Given $X$ a Banach space, to say $\{A_i\}_{i\in I}$, a family of bounded linear operators from $X$ to another normed space $Y$, is weakly bounded is to say that, fixing any $x\in X$ and $y^*\in Y^*$, the numerical set $\{y^*(A_i x)\}_{i\in I}$ is bounded. Now the result to prove is: a weakly bounded family must also be uniformly bounded, i.e., $\{\|A_i\|\}$ is bounded.
This is apparently a corollary of Banach-Steinhaus Theorem (aka uniform boundedness principle, UBP).

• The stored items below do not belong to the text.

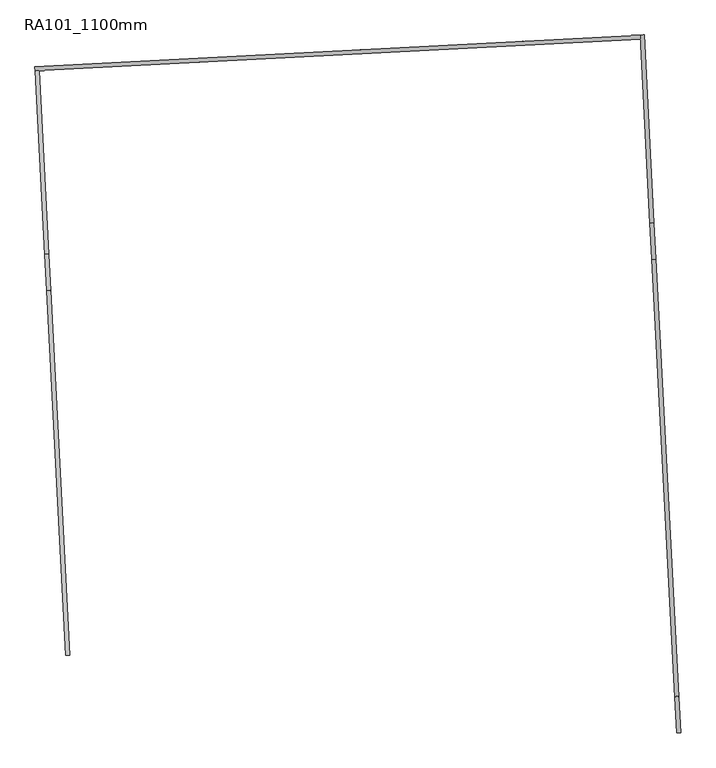
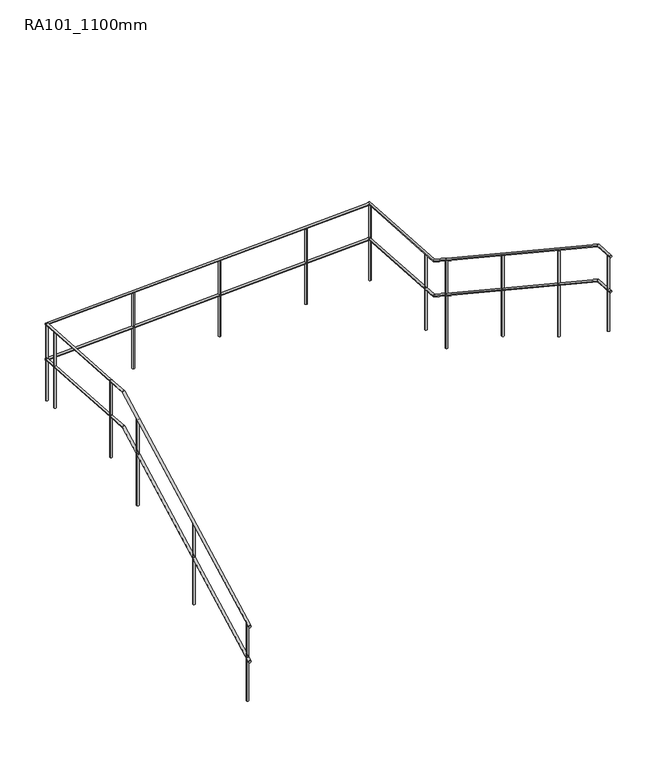
"""IFC4 building model written with IfcOpenShell, lengths in millimetres: railing geometry, RA101_1100mm."""

import ifcopenshell
import ifcopenshell.guid

model = None  # the IFC model being written
_history = None  # IfcOwnerHistory: only IFC2X3 demands one
_inside = {}  # id of a spatial element -> (the spatial element, [elements in it])
_under = {}  # id of a project, library or spatial element -> (it, [spatial elements below it])
_declared = {}  # id of a project -> (the project, [libraries it declares])
_typed = {}  # id of a type object -> (the type object, [elements of that type])
_made_of = {}  # id of a material, layer set ... -> (it, [elements and type objects made of it])


def new_model(schema):
    """Start an empty IFC model of exactly this schema.

    Asked for "IFC4X3", IfcOpenShell would pick the latest addendum, in which some entities
    have other attributes; the version numbers below select the first issue.
    IFC2X3 requires an IfcOwnerHistory on every rooted entity: one is made here for all.
    """
    global model, _history
    if schema == "IFC4X3":
        model = ifcopenshell.file(schema_version=(4, 3, 0, 0))
    else:
        model = ifcopenshell.file(schema=schema)
    _inside.clear()
    _under.clear()
    _declared.clear()
    _typed.clear()
    _made_of.clear()
    _history = None
    if model.schema == "IFC2X3":
        org = make("IfcOrganization", Name="unknown")
        user = make(
            "IfcPersonAndOrganization",
            ThePerson=make("IfcPerson", FamilyName="unknown"),
            TheOrganization=org,
        )
        app = make(
            "IfcApplication",
            ApplicationDeveloper=org,
            Version="unknown",
            ApplicationFullName="unknown",
            ApplicationIdentifier="unknown",
        )
        _history = make(
            "IfcOwnerHistory",
            OwningUser=user,
            OwningApplication=app,
            ChangeAction="ADDED",
            CreationDate=0,
        )
    return model


def make(cls, **values):
    """One entity of the class cls with the attributes given. An attribute that is None is left unset."""
    return model.create_entity(
        cls, **{name: value for name, value in values.items() if value is not None}
    )


def rooted(cls, **values):
    """An entity with a GlobalId (a new one), such as an element, a storey or a relation."""
    return make(cls, GlobalId=ifcopenshell.guid.new(), OwnerHistory=_history, **values)


def si_unit(unit_type, name, prefix=None):
    """IfcSIUnit, for example si_unit("LENGTHUNIT", "METRE", prefix="MILLI")."""
    return make("IfcSIUnit", UnitType=unit_type, Prefix=prefix, Name=name)


def assignment(units):
    """IfcUnitAssignment: the units of a project."""
    return None if units is None else make("IfcUnitAssignment", Units=units)


def point(xyz):
    """IfcCartesianPoint."""
    return None if xyz is None else make("IfcCartesianPoint", Coordinates=xyz)


def direction(xyz):
    """IfcDirection."""
    return None if xyz is None else make("IfcDirection", DirectionRatios=xyz)


def frame(location, z_axis=None, x_axis=None):
    """IfcAxis2Placement3D, a coordinate frame: its origin and axes. An axis left out is left unset."""
    return make(
        "IfcAxis2Placement3D",
        Location=point(location),
        Axis=direction(z_axis),
        RefDirection=direction(x_axis),
    )


def frame_2d(location, x_axis=None):
    """IfcAxis2Placement2D, a coordinate frame in the plane: its origin and x axis."""
    return make(
        "IfcAxis2Placement2D", Location=point(location), RefDirection=direction(x_axis)
    )


def origin():
    """The frame at (0, 0, 0) with its axes left unset."""
    return frame((0.0, 0.0, 0.0))


def place(relative_to, where):
    """IfcLocalPlacement: puts the frame where relative to a parent placement (None: the world)."""
    return make(
        "IfcLocalPlacement", PlacementRelTo=relative_to, RelativePlacement=where
    )


def context(
    kind, dimensions, precision=None, world=None, true_north=None, identifier=None
):
    """IfcGeometricRepresentationContext, for example the 3D "Model" context."""
    return make(
        "IfcGeometricRepresentationContext",
        ContextIdentifier=identifier,
        ContextType=kind,
        CoordinateSpaceDimension=dimensions,
        Precision=precision,
        WorldCoordinateSystem=world,
        TrueNorth=true_north,
    )


def project(units=None, contexts=None):
    """IfcProject with its units and contexts."""
    return rooted(
        "IfcProject",
        Name="project",
        RepresentationContexts=contexts,
        UnitsInContext=assignment(units),
    )


def spatial(cls, under=None, at=None, **own):
    """A site, building, storey or space (cls), placed at a placement, below another one or the project."""
    s = rooted(cls, ObjectPlacement=at, **own)
    if under is not None:
        _under.setdefault(under.id(), (under, []))[1].append(s)
    return s


def circle_curve(where, radius):
    """IfcCircle in the frame where."""
    return make("IfcCircle", Position=where, Radius=radius)


def ellipse_curve(where, semi_axis1, semi_axis2):
    """IfcEllipse in the frame where."""
    return make(
        "IfcEllipse", Position=where, SemiAxis1=semi_axis1, SemiAxis2=semi_axis2
    )


def trimmed(basis, trim1, trim2, sense, master):
    """IfcTrimmedCurve: the piece of a basis curve between two trims."""
    return make(
        "IfcTrimmedCurve",
        BasisCurve=basis,
        Trim1=trim1,
        Trim2=trim2,
        SenseAgreement=sense,
        MasterRepresentation=master,
    )


def segment(curve, same_sense, transition):
    """IfcCompositeCurveSegment."""
    return make(
        "IfcCompositeCurveSegment",
        Transition=transition,
        SameSense=same_sense,
        ParentCurve=curve,
    )


def composite_curve(segments, self_intersect=None):
    """IfcCompositeCurve: segments joined end to end."""
    return make("IfcCompositeCurve", Segments=segments, SelfIntersect=self_intersect)


def outline(outer, holes=None, kind="AREA"):
    """IfcArbitraryClosedProfileDef: a profile drawn as a closed curve; with holes, ...WithVoids."""
    if holes is None:
        return make("IfcArbitraryClosedProfileDef", ProfileType=kind, OuterCurve=outer)
    return make(
        "IfcArbitraryProfileDefWithVoids",
        ProfileType=kind,
        OuterCurve=outer,
        InnerCurves=holes,
    )


def extrude(swept, where, along, depth):
    """IfcExtrudedAreaSolid: the profile swept, set in the frame where, extruded along a direction by depth."""
    return make(
        "IfcExtrudedAreaSolid",
        SweptArea=swept,
        Position=where,
        ExtrudedDirection=direction(along),
        Depth=depth,
    )


def shape(context_of_items, identifier, shape_type, items):
    """IfcShapeRepresentation: the items that make up one representation, for example the "Body"."""
    return make(
        "IfcShapeRepresentation",
        ContextOfItems=context_of_items,
        RepresentationIdentifier=identifier,
        RepresentationType=shape_type,
        Items=items,
    )


def source(mapping_origin, context_of_items, identifier, shape_type, items):
    """IfcRepresentationMap: a shape defined once, which mapped items show again and again."""
    return make(
        "IfcRepresentationMap",
        MappingOrigin=mapping_origin,
        MappedRepresentation=shape(context_of_items, identifier, shape_type, items),
    )


def transform(
    local_origin,
    x_axis=None,
    y_axis=None,
    z_axis=None,
    scale=None,
    scale2=None,
    scale3=None,
    uniform=True,
):
    """IfcCartesianTransformationOperator3D, or its non-uniform kind. x_axis, y_axis, z_axis: its Axis1, 2, 3."""
    if uniform:
        return make(
            "IfcCartesianTransformationOperator3D",
            Axis1=direction(x_axis),
            Axis2=direction(y_axis),
            LocalOrigin=point(local_origin),
            Scale=scale,
            Axis3=direction(z_axis),
        )
    return make(
        "IfcCartesianTransformationOperator3DnonUniform",
        Axis1=direction(x_axis),
        Axis2=direction(y_axis),
        LocalOrigin=point(local_origin),
        Scale=scale,
        Axis3=direction(z_axis),
        Scale2=scale2,
        Scale3=scale3,
    )


def mapped(mapping_source, mapping_target):
    """IfcMappedItem: shows the shape of a source again, moved by a transform."""
    return make(
        "IfcMappedItem", MappingSource=mapping_source, MappingTarget=mapping_target
    )


def made_of(thing, what):
    """Note that an element or type object is made of a material, layer set ...; save() writes the relation."""
    if what is not None:
        _made_of.setdefault(what.id(), (what, []))[1].append(thing)
    return thing


def element(
    cls,
    number,
    at=None,
    inside=None,
    cuts=None,
    type_object=None,
    material=None,
    context=None,
    identifier="Body",
    shape_type=None,
    held_by="IfcProductDefinitionShape",
    body=None,
    shapes=None,
    **own,
):
    """One element of the class cls, such as IfcWall. Its Tag is "e" and its number.

    at: its placement. inside: the storey or other place that contains it. cuts: it is an
    opening in that element (IfcRelVoidsElement). A single representation is given by context,
    identifier, shape_type and body (its items); several are given by shapes. held_by: the class
    of the entity that holds the representations. save() writes the other relations.
    """
    e = rooted(cls, Tag="e%d" % number, ObjectPlacement=at, **own)
    if body is not None:
        shapes = [shape(context, identifier, shape_type, body)]
    if shapes is not None:
        e.Representation = make(held_by, Representations=shapes)
    if inside is not None:
        _inside.setdefault(inside.id(), (inside, []))[1].append(e)
    if cuts is not None:
        rooted(
            "IfcRelVoidsElement", RelatingBuildingElement=cuts, RelatedOpeningElement=e
        )
    if type_object is not None:
        _typed.setdefault(type_object.id(), (type_object, []))[1].append(e)
    return made_of(e, material)


def aggregate(whole, parts):
    """IfcRelAggregates: a whole, such as a stair, and the parts it consists of."""
    return rooted("IfcRelAggregates", RelatingObject=whole, RelatedObjects=parts)


def save(model, path):
    """Write the relations noted so far, then the file.

    IfcRelAggregates (storeys below a building ...), IfcRelContainedInSpatialStructure (elements
    in a storey), IfcRelDefinesByType, IfcRelAssociatesMaterial and IfcRelDeclares: one each for
    every whole, place, type object, material and project.
    """
    for whole, parts in _under.values():
        aggregate(whole, parts)
    for where, things in _inside.values():
        rooted(
            "IfcRelContainedInSpatialStructure",
            RelatedElements=things,
            RelatingStructure=where,
        )
    for kind, things in _typed.values():
        rooted("IfcRelDefinesByType", RelatedObjects=things, RelatingType=kind)
    for what, things in _made_of.values():
        rooted("IfcRelAssociatesMaterial", RelatedObjects=things, RelatingMaterial=what)
    for by, libraries in _declared.values():
        rooted("IfcRelDeclares", RelatingContext=by, RelatedDefinitions=libraries)
    model.write(path)


def plane_surface(at):
    """IfcPlane: the flat surface through the origin of the frame at, square to its z axis."""
    return make("IfcPlane", Position=at)


def cylinder_surface(at, radius):
    """IfcCylindricalSurface: all points at the distance radius from the z axis of the frame at."""
    return make("IfcCylindricalSurface", Position=at, Radius=radius)


def advanced_brep(points, edges, surfaces, faces):
    """IfcAdvancedBrep: a solid bounded by faces that lie on surfaces and meet in shared edges.

    An edge is (start, end): straight between two places in points (the first is 0);
    or (start, end, curve); or (start, end, curve, False) where it runs against its curve.
    A face is (place in surfaces, loops), or (place, loops, False) where it looks against
    its surface's normal. A loop lists edges by number (the first is 1), with a minus sign
    where the edge is run from its end to its start. The first loop is the outer one.
    """
    corners = [point(p) for p in points]
    vertices = [make("IfcVertexPoint", VertexGeometry=c) for c in corners]
    made = []
    for start, end, *more in edges:
        made.append(
            make(
                "IfcEdgeCurve",
                EdgeStart=vertices[start],
                EdgeEnd=vertices[end],
                EdgeGeometry=more[0] if more else make("IfcPolyline", Points=[corners[start], corners[end]]),
                SameSense=more[1] if len(more) > 1 else True,
            )
        )
    hull = []
    for where, loops, *sense in faces:
        bounds = []
        for j, loop in enumerate(loops):
            ring = [make("IfcOrientedEdge", EdgeElement=made[abs(k) - 1], Orientation=k > 0) for k in loop]
            bounds.append(
                make(
                    "IfcFaceOuterBound" if j == 0 else "IfcFaceBound",
                    Bound=make("IfcEdgeLoop", EdgeList=ring),
                    Orientation=True,
                )
            )
        hull.append(make("IfcAdvancedFace", Bounds=bounds, FaceSurface=surfaces[where], SameSense=sense[0] if sense else True))
    return make("IfcAdvancedBrep", Outer=make("IfcClosedShell", CfsFaces=hull))


def ra101_1100mm_925ff370(model_context):
    return source(origin(), model_context, "Body", "SolidModel", [
        advanced_brep(
        [(21553.8210897, 12464.3641407, 457.1248327), (21523.8622036, 12462.794062, 457.1248327), (21412.281847, 15165.0937775, 2210.0), (21382.3229609, 15163.5236988, 2210.0), (21398.3832997, 15430.2938589, 2210.0), (21368.4244136, 15428.7237802, 2210.0)],
        [
            (0, 1, ellipse_curve(frame((21538.8416467, 12463.5791013, 457.1248327), z_axis=(0.052335956242941364, -0.998629534754574, 0.0), x_axis=(0.0, 0.0, -1.0)), 17.8751673, 15.0)),
            (1, 0, ellipse_curve(frame((21538.8416467, 12463.5791013, 457.1248327), z_axis=(0.052335956242941364, -0.998629534754574, 0.0), x_axis=(0.0, 0.0, -1.0)), 17.8751673, 15.0)),
            (0, 2),
            (2, 3, ellipse_curve(frame((21397.302404, 15164.3087382, 2210.0), z_axis=(0.05018733030882, -0.957631309614881, -0.28359038545367027), x_axis=(-0.014841974004008681, 0.2832017346864693, -0.9589455111101147)), 15.6421818, 15.0)),
            (3, 1),
            (3, 2, ellipse_curve(frame((21397.302404, 15164.3087382, 2210.0), z_axis=(0.05018733030882, -0.957631309614881, -0.28359038545367027), x_axis=(-0.014841974004008681, 0.2832017346864693, -0.9589455111101147)), 15.6421818, 15.0)),
            (4, 5, circle_curve(frame((21383.4038566, 15429.5088195, 2210.0), z_axis=(-0.05233595624293373, 0.9986295347545745, 0.0), x_axis=(-0.9986295347545745, -0.05233595624293373, 0.0)), 15.0)),
            (5, 4, circle_curve(frame((21383.4038566, 15429.5088195, 2210.0), z_axis=(-0.05233595624293373, 0.9986295347545745, 0.0), x_axis=(-0.9986295347545745, -0.05233595624293373, 0.0)), 15.0)),
            (2, 4),
            (5, 3),
        ],
        [
            plane_surface(frame((21538.8416467, 12463.5791013, 475.0), z_axis=(0.052335956242941364, -0.998629534754574, 0.0), x_axis=(0.998629534754574, 0.052335956242941364, 0.0))),
            cylinder_surface(frame((21538.4146673, 12471.7263523, 462.4127052), z_axis=(0.04391787398555335, -0.8380029565528062, -0.5438954542495688), x_axis=(-0.998629534754574, -0.05233595624294136, 0.0)), 15.0),
            plane_surface(frame((21383.4038566, 15429.5088195, 2225.0), z_axis=(-0.05233595624293375, 0.9986295347545745, 0.0), x_axis=(0.9986295347545745, 0.05233595624293375, 0.0))),
            cylinder_surface(frame((21397.5345648, 15159.8788452, 2210.0), z_axis=(0.05233595624293373, -0.9986295347545745, 0.0), x_axis=(-0.9986295347545745, -0.05233595624293373, 0.0)), 15.0),
        ],
        [
            (0, [[1, 2]]),
            (1, [[-1, 3, 4, 5]]),
            (1, [[-2, -5, 6, -3]]),
            (2, [[7, 8]]),
            (3, [[-4, 9, -8, 10]]),
            (3, [[-6, -10, -7, -9]]),
        ],
    ),
        advanced_brep(
        [(21398.3832997, 15430.2938589, 2210.0), (21368.4244136, 15428.7237802, 2210.0), (21327.2273335, 16788.0305743, 2210.0), (21297.2684475, 16786.4604957, 2210.0)],
        [
            (0, 1, circle_curve(frame((21383.4038566, 15429.5088195, 2210.0), z_axis=(0.05233595624294149, -0.998629534754574, 0.0), x_axis=(-0.998629534754574, -0.05233595624294149, 0.0)), 15.0)),
            (1, 0, circle_curve(frame((21383.4038566, 15429.5088195, 2210.0), z_axis=(0.05233595624294149, -0.998629534754574, 0.0), x_axis=(-0.998629534754574, -0.05233595624294149, 0.0)), 15.0)),
            (2, 3, circle_curve(frame((21312.2478905, 16787.245535, 2210.0), z_axis=(-0.05233595624294149, 0.998629534754574, 0.0), x_axis=(-0.998629534754574, -0.05233595624294149, 0.0)), 15.0)),
            (3, 2, circle_curve(frame((21312.2478905, 16787.245535, 2210.0), z_axis=(-0.05233595624294149, 0.998629534754574, 0.0), x_axis=(-0.998629534754574, -0.05233595624294149, 0.0)), 15.0)),
            (0, 2),
            (3, 1),
        ],
        [
            plane_surface(frame((21383.4038566, 15429.5088195, 2225.0), z_axis=(0.05233595624294149, -0.998629534754574, 0.0), x_axis=(0.998629534754574, 0.05233595624294149, 0.0))),
            plane_surface(frame((21312.2478905, 16787.245535, 2225.0), z_axis=(-0.05233595624294221, 0.998629534754574, 0.0), x_axis=(0.998629534754574, 0.05233595624294221, 0.0))),
            cylinder_surface(frame((21383.4038566, 15429.5088195, 2210.0), z_axis=(0.05233595624294149, -0.998629534754574, 0.0), x_axis=(-0.998629534754574, -0.05233595624294149, 0.0)), 15.0),
        ],
        [
            (0, [[1, 2]]),
            (1, [[3, 4]]),
            (2, [[-1, 5, -4, 6]]),
            (2, [[-2, -6, -3, -5]]),
        ],
    ),
        advanced_brep(
        [(21297.2684475, 16786.4604957, 2210.0), (21295.6983688, 16816.4193817, 2210.0), (25777.8195811, 17021.2762305, 2210.0), (25776.2495024, 17051.2351166, 2210.0)],
        [
            (0, 1, circle_curve(frame((21296.4834082, 16801.4399387, 2210.0), z_axis=(-0.998629534754574, -0.05233595624294222, 0.0), x_axis=(-0.05233595624294222, 0.998629534754574, 0.0)), 15.0)),
            (1, 0, circle_curve(frame((21296.4834082, 16801.4399387, 2210.0), z_axis=(-0.998629534754574, -0.05233595624294222, 0.0), x_axis=(-0.05233595624294222, 0.998629534754574, 0.0)), 15.0)),
            (2, 3, circle_curve(frame((25777.0345417, 17036.2556736, 2210.0), z_axis=(0.998629534754574, 0.05233595624294222, 0.0), x_axis=(-0.05233595624294222, 0.998629534754574, 0.0)), 15.0)),
            (3, 2, circle_curve(frame((25777.0345417, 17036.2556736, 2210.0), z_axis=(0.998629534754574, 0.05233595624294222, 0.0), x_axis=(-0.05233595624294222, 0.998629534754574, 0.0)), 15.0)),
            (0, 2),
            (3, 1),
        ],
        [
            plane_surface(frame((21296.4834082, 16801.4399387, 2225.0), z_axis=(-0.998629534754574, -0.05233595624294149, 0.0), x_axis=(0.05233595624294149, -0.998629534754574, 0.0))),
            plane_surface(frame((25777.0345417, 17036.2556736, 2225.0), z_axis=(0.9986295347545739, 0.05233595624294333, 0.0), x_axis=(0.05233595624294333, -0.9986295347545739, 0.0))),
            cylinder_surface(frame((21296.4834082, 16801.4399387, 2210.0), z_axis=(-0.998629534754574, -0.05233595624294222, 0.0), x_axis=(-0.05233595624294222, 0.998629534754574, 0.0)), 15.0),
        ],
        [
            (0, [[1, 2]]),
            (1, [[3, 4]]),
            (2, [[-1, 5, -4, 6]]),
            (2, [[-2, -6, -3, -5]]),
        ],
    ),
        advanced_brep(
        [(25776.2495024, 17051.2351166, 2210.0), (25806.2083884, 17052.8051953, 2210.0), (25849.207708, 15659.1096221, 2210.0), (25879.1665941, 15660.6797008, 2210.0), (25863.1062554, 15393.9095407, 2382.1248327), (25893.0651414, 15395.4796194, 2382.1248327)],
        [
            (0, 1, circle_curve(frame((25791.2289454, 17052.0201559, 2210.0), z_axis=(-0.05233595624294333, 0.9986295347545739, 0.0), x_axis=(0.9986295347545739, 0.05233595624294333, 0.0)), 15.0)),
            (1, 0, circle_curve(frame((25791.2289454, 17052.0201559, 2210.0), z_axis=(-0.05233595624294333, 0.9986295347545739, 0.0), x_axis=(0.9986295347545739, 0.05233595624294333, 0.0)), 15.0)),
            (0, 2),
            (2, 3, ellipse_curve(frame((25864.1871511, 15659.8946614, 2210.0), z_axis=(-0.05018733030882886, 0.9576313096148807, -0.2835903854536695), x_axis=(-0.014841974004012624, 0.28320173468646914, 0.9589455111101145)), 15.6421818, 15.0)),
            (3, 1),
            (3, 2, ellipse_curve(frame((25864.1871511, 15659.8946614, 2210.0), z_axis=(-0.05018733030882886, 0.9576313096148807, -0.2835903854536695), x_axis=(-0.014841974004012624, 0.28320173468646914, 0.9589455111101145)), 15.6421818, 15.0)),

I think proof by contradiction is the right track, but I've been stuck on the proper choice of $y^*$. My hunch is that we need to vary $y^*$ rather than just comstructing a specific one to violate the weak boundedness.
Any help is appreciated.
As I hinted at in the comments, one way to show this is as follows:
One uses the isometric embedding of $Y$ into its bidual to show that if $A \subset Y$ is such that $y^\ast (A) \subset \Bbb{K}$ is bounded for each $y^\ast \in Y^\ast$, then $A$ is a bounded set. Note: This does not even use completeness of $Y$, just that of $Y^\ast$.
Using the predecing point and the given assumptions, we conclude that for every $x \in X$, the set $\{A_i x \,:\, i \in I\}$ is bounded in $Y$. Now, another application of the uniform boundedness principle yelds the claim. This uses completeness of $X$.